● **PROBLEM DETAILS**:
Quote word for word the lines below, beginning with the first and ending with the one that has "doc.units = 0". Drop the pictures.

● **MATERIALS PROVIDED**:
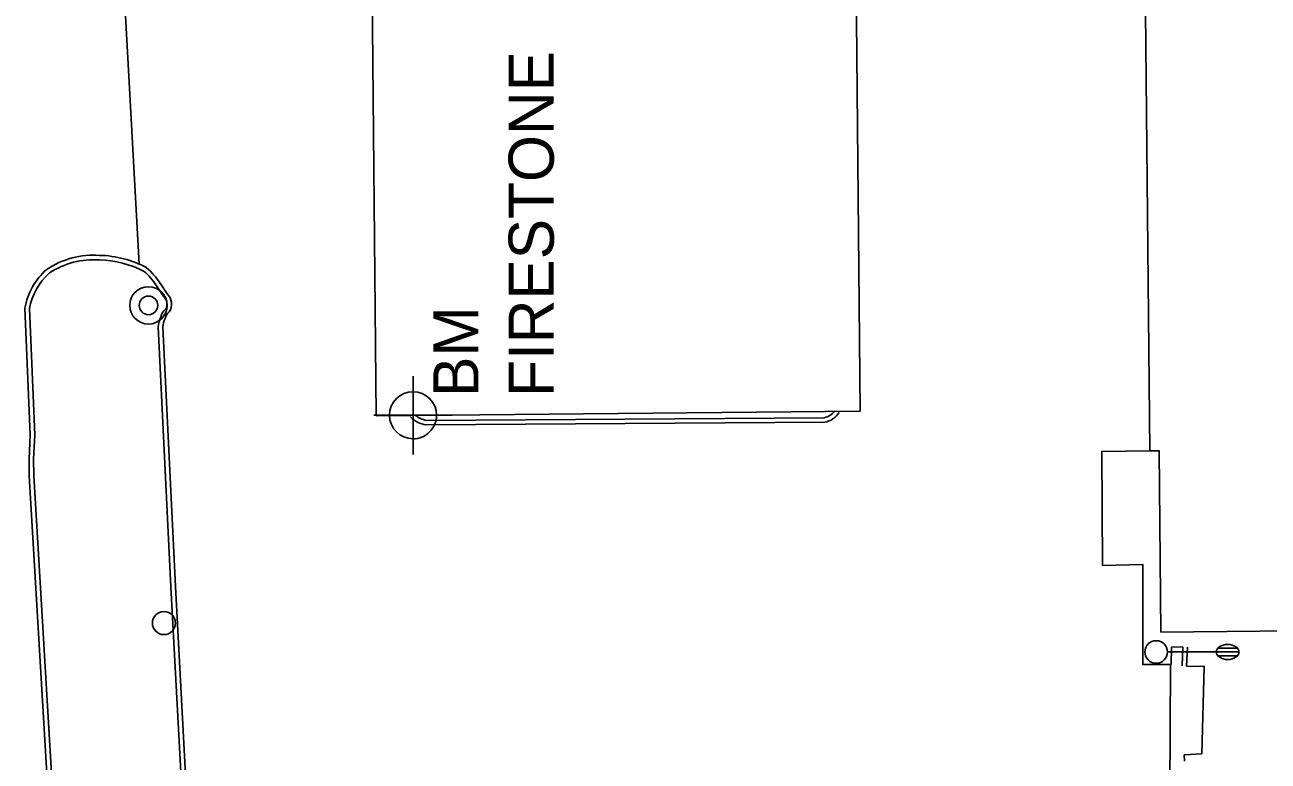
# Model space of a CAD drawing. Extents: x 2145380 to 2156929, y 139568 to 149130.
# Drawn here: x 2150960.5 to 2151125.7, y 145767 to 145864.8 of the extents above; entities that cross this region are included whole.
import ezdxf

# ---------------------------------------------------------------- set-up
doc = ezdxf.new("R2010")
doc.units = 0
for name, color, linetype in [('Default', 7, 'Continuous'), ('SURV_Benchmark', 7, 'Continuous'), ('SURV_Text', 7, 'Continuous'), ('TOPO_Asphalt', 7, 'Continuous'), ('TOPO_Building', 7, 'Continuous'), ('TOPO_Curb Back', 7, 'Continuous'), ('TOPO_Light Pole', 7, 'Continuous'), ('TOPO_San Manhole', 7, 'Continuous'), ('TOPO_Water Meter', 7, 'Continuous')]:
    doc.layers.add(name, color=color, linetype=linetype)

# ---------------------------------------------------------------- blocks, each defined once
blk = doc.blocks.new('LP')
at = {"layer": 'TOPO_Light Pole'}
blk.add_line((3.81, 0), (20.32, 0), dxfattribs=at)
for points in [[(20.32, 0), (27.94, 0)], [(20.32, 0), (23.5, 0)], [(20.83, 1.27), (27.43, 1.27)], [(20.83, 1.27), (23.5, 1.27)], [(23.71, 1.27), (27.43, 1.27)], [(23.71, 0), (27.94, 0)], [(20.83, -1.27), (27.43, -1.27)], [(20.83, -1.27), (23.5, -1.27)], [(23.71, -1.27), (27.43, -1.27)]]:
    blk.add_lwpolyline(points, dxfattribs=at)
blk.add_circle((0, 0), 3.81, dxfattribs=at)
blk.add_ellipse((24.13, 0), major_axis=(3.81, 0), ratio=0.666667, dxfattribs=at)
blk = doc.blocks.new('WTRMTR')
at = {"layer": 'Default'}
blk.add_circle((0, 0), 3.89, dxfattribs=at)
blk = doc.blocks.new('EXMHSS')
at = {"layer": 'Default'}
for radius in [6.3, 3.13]:
    blk.add_circle((0, 0), radius, dxfattribs=at)
blk = doc.blocks.new('BM')
at = {"layer": 'SURV_Benchmark'}
for p, q in [((0, 2.49), (0, 4.15)), ((-2.49, 0), (-4.16, 0)), ((4.16, 0), (2.49, 0)), ((0, -4.16), (0, -2.49))]:
    blk.add_line(p, q, dxfattribs=at)
for points in [[(0, 2.49), (0, 2.49), (0, 0), (2.49, 0), (2.49, 0), (2.49, 0)], [(0, 2.49), (0, 2.49), (0, 0), (2.49, 0), (2.49, 0), (2.49, 0), (2.49, 0)], [(-2.5, 0), (-2.49, 0), (0, 0), (0, -2.49), (0, -2.49)], [(-2.5, 0), (-2.49, 0), (0, 0), (0, -2.49), (0, -2.49)]]:
    blk.add_lwpolyline(points, dxfattribs=at)
for start, end in [(90.0638, 180.0068), (0.0638, 90.0068), (0.0638, 90.0068), (180.0638, 270.0068), (180.0638, 270.0068), (269.9472, 359.9927)]:
    blk.add_arc((0, 0), 2.5, start, end, dxfattribs=at)

msp = doc.modelspace()

# ---------------------------------------------------------------- linework, layer by layer
at = {"layer": 'TOPO_Asphalt'}
for points in [[(2150971.18, 145874.16), (2150973.51, 145873.27), (2150975.75, 145833.01)], [(2151114.39, 145782.17), (2151112.86, 145782.13), (2151112.81, 145779.85), (2151109.07, 145779.84), (2151109.07, 145793.12), (2151103.72, 145793.01), (2151103.61, 145808.13), (2151109.97, 145808.22)], [(2151024.44, 145718.43), (2151063.85, 145720.14), (2151064.05, 145715.1), (2151068.01, 145715.14), (2151067.85, 145720.06), (2151112.44, 145720.94), (2151112.74, 145779.85)], [(2151114.88, 145779.62), (2151117.21, 145779.6), (2151116.89, 145767.99), (2151114.57, 145767.84), (2151114.58, 145767.02)]]:
    msp.add_lwpolyline(points, dxfattribs=at)
at = {"layer": 'TOPO_Building'}
msp.add_lwpolyline([(2151171.94, 145881.01), (2151172.88, 145784.76), (2151111.47, 145784.16), (2151111.23, 145808.23), (2151109.97, 145808.22), (2151109.28, 145880.07), (2151070.88, 145879.7), (2151071.52, 145813.5), (2151007.23, 145812.88), (2151006.64, 145873.96), (2150993.06, 145873.83), (2150992.7, 145910.67), (2151014.52, 145910.88), (2151014.53, 145909.77), (2151156.7, 145911.15), (2151156.99, 145880.87)], close=True, dxfattribs=at)
at = {"layer": 'TOPO_Curb Back'}
for p, q in [((2151114.28, 145779.65), (2151114.39, 145782.17)), ((2151114.88, 145779.62), (2151114.99, 145782.14))]:
    msp.add_line(p, q, dxfattribs=at)
for points in [[(2150978.02, 145830.14), (2150978.99, 145828.68)], [(2150978.53, 145830.46), (2150979.46, 145829.07)], [(2150966.18, 145724.65), (2150964.77, 145743.68), (2150961.13, 145804.91), (2150961.1, 145807.1), (2150961.27, 145810.35), (2150960.55, 145827.14)], [(2150966.78, 145724.72), (2150965.37, 145743.72), (2150961.73, 145804.93), (2150961.7, 145807.09), (2150961.87, 145810.35), (2150961.15, 145827.1)], [(2150978.27, 145824.68), (2150979.94, 145790.17), (2150982.86, 145736.02), (2150983.72, 145717.39), (2151002.33, 145717.91), (2151022.79, 145718.09)], [(2150978.87, 145824.66), (2150980.54, 145790.2), (2150983.46, 145736.05), (2150984.3, 145718.01), (2151002.32, 145718.51), (2151022.78, 145718.69)], [(2151013.82, 145811.66), (2151066.8, 145812.01)], [(2151013.88, 145812.26), (2151066.74, 145812.61)]]:
    msp.add_lwpolyline(points, dxfattribs=at)
for centre, radius, start, end in [((2150969.67, 145823.06), 11.14, 85.8136, 123.8896), ((2150969.67, 145823.06), 10.54, 85.7339, 123.6839), ((2150970.14, 145820.11), 13.46, 62.3638, 88.6896), ((2150970.14, 145820.12), 14.06, 62.0875, 88.6274), ((2150969.26, 145825.65), 8.83, 131.0588, 170.277), ((2150969.26, 145825.65), 8.23, 131.3196, 169.839), ((2150970.98, 145825.74), 8.3, 32.0203, 49.4071), ((2150970.98, 145825.73), 8.9, 32.0803, 49.8437), ((2150978.02, 145827.68), 1.4, 333.4983, 46.1429), ((2150978.02, 145827.68), 2, 329.1792, 44.1131), ((2150980.51, 145825.55), 1.95, 129.4798, 167.4583), ((2150983.61, 145823.94), 5.4, 157.9325, 172.0912), ((2150983.61, 145823.94), 4.8, 157.2992, 171.4405), ((2150980.51, 145825.55), 1.35, 125.0323, 169.4461), ((2151014.49, 145815.49), 3.88, 225.7389, 260.1937), ((2151014.49, 145815.49), 3.28, 231.2791, 259.3018), ((2151066.28, 145814.85), 2.28, 281.5556, 322.7725), ((2151066.28, 145814.85), 2.88, 280.3235, 327.7705)]:
    msp.add_arc(centre, radius, start, end, dxfattribs=at)

# ---------------------------------------------------------------- block references
at = {"layer": 'SURV_Benchmark', "xscale": 1.25, "yscale": 1.25}
msp.add_blockref('BM', (2151012.11, 145812.94), dxfattribs=at)
at = {"layer": 'TOPO_Light Pole', "xscale": 0.39370000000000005, "yscale": 0.3937000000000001}
msp.add_blockref('LP', (2151110.83, 145781.51), dxfattribs=at)
at = {"layer": 'TOPO_San Manhole', "xscale": 0.39370000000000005, "yscale": 0.3937000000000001}
msp.add_blockref('EXMHSS', (2150976.97, 145827.53), dxfattribs=at)
at = {"layer": 'TOPO_Water Meter', "xscale": 0.39370000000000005, "yscale": 0.3937000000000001}
msp.add_blockref('WTRMTR', (2150979.02, 145785.35), dxfattribs=at)

# ---------------------------------------------------------------- texts
at = {"layer": 'SURV_Text'}
for s, p in [('FIRESTONE', (2151030.81, 145815.38)), ('BM', (2151020.81, 145815.38))]:
    msp.add_text(s, height=6, rotation=90, dxfattribs=at).set_placement(p)

doc.saveas('drawing.dxf')

● **YOUR SOLUTION**:
# Model space of a CAD drawing. Extents: x 2145380 to 2156929, y 139568 to 149130.
# Drawn here: x 2150960.5 to 2151125.7, y 145767 to 145864.8 of the extents above; entities that cross this region are included whole.
import ezdxf

# ---------------------------------------------------------------- set-up
doc = ezdxf.new("R2010")
doc.units = 0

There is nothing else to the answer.